Atresia ani (imperforate anus) is a congenital developmental defect characterized by the absence or incomplete formation of the anal opening. This condition occurs when the dorsal membrane separating the rectum and anus fails to rupture during embryological development. In camelids (llamas and alpacas), atresia ani represents the most common intestinal segmental atresia, while in cervids (deer), the condition occurs but is less frequently documented due to rapid disappearance of affected individuals from wild populations.

The condition is particularly significant in camelids due to their historically narrow gene pool, which has resulted in a relatively higher incidence of congenital defects compared to other domestic species. Affected animals commonly present with multiple concurrent defects, making thorough examination essential before surgical intervention.

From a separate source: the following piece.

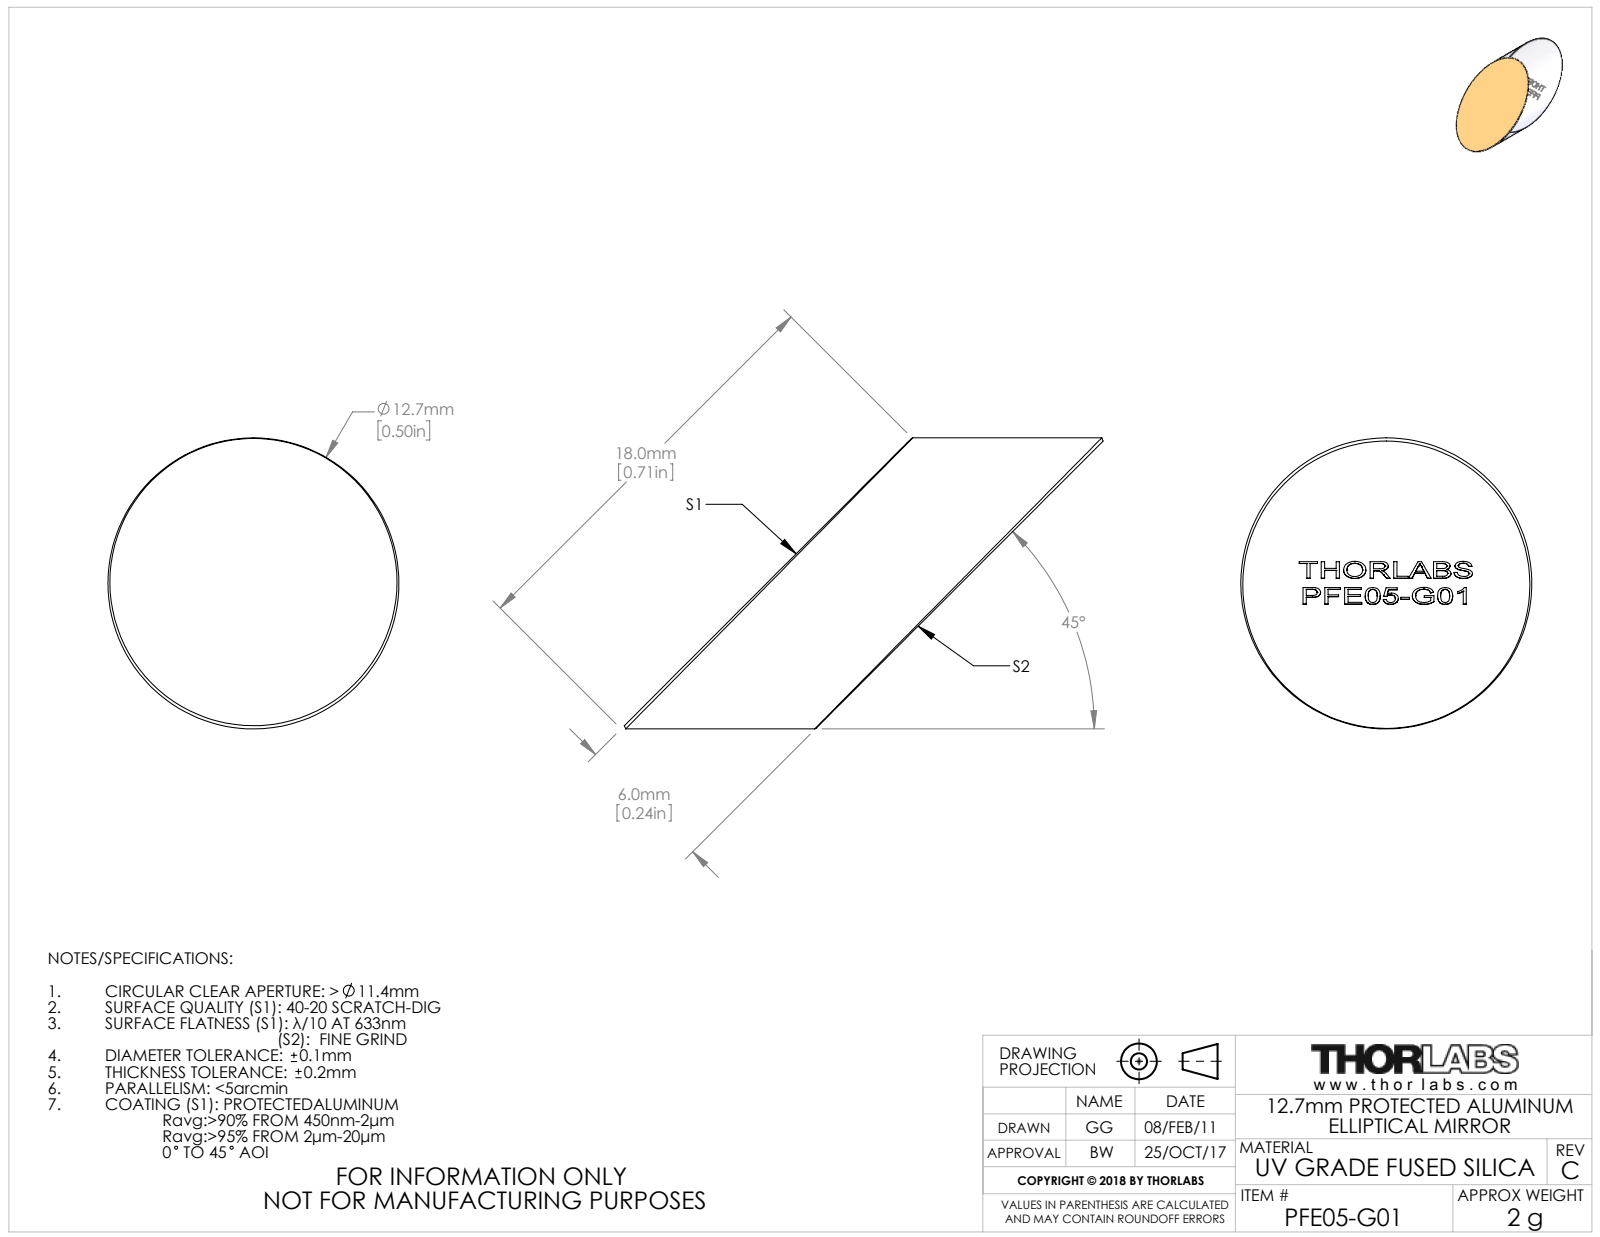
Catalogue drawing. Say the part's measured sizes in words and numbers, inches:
The part is named "21935-E0W". Its 3-D file was written by "SolidWorks 2016 (CONFIG_CONTROL_DESIGN)". It is 1 solid with 232 faces: 138 planar, 2 cylindrical and 92 other. Overall it measures 0.823 by 0.5 by 0.5 inches. Its volume is 0.066 cubic inches and its surface area 1.068 square inches. Round bosses or shafts: 1 of diameter 0.5. The main face-to-face distances are 0.236, 0.063, 0.041, 0.036, 0.04, 0.031, 0.05, 0.019, 0.084, 0.099.

Type Description Clinical Features Prognosis
Type I Anal stenosis - narrowed but present anal opening Constipation, straining, thin fecal streams; external sphincter present Good - balloon dilation or simple surgical correction
Type II Imperforate anus with rectum ending less than 1 cm from skin No anal opening; anal dimple present; sphincter and anal sacs usually present Good - anoplasty with high success rate
Type III Imperforate anus with rectum terminating greater than or equal to 1 cm from skin No anal dimple; may lack external sphincter, anal sacs, or tail Guarded to Poor - complex surgery; fecal incontinence likely
Type IV Normal anus and terminal rectum, but proximal rectum ends blindly with fistula Females: rectovaginal fistula common; feces pass via vulva; Males: urethral/bladder fistula Guarded - requires fistula repair and anoplasty

Embryological Development and Pathogenesis

Understanding the embryological basis of atresia ani is essential for the NAVLE. The cloaca is a common endoderm-lined cavity present during early embryonic development that later divides into separate gastrointestinal and urogenital compartments.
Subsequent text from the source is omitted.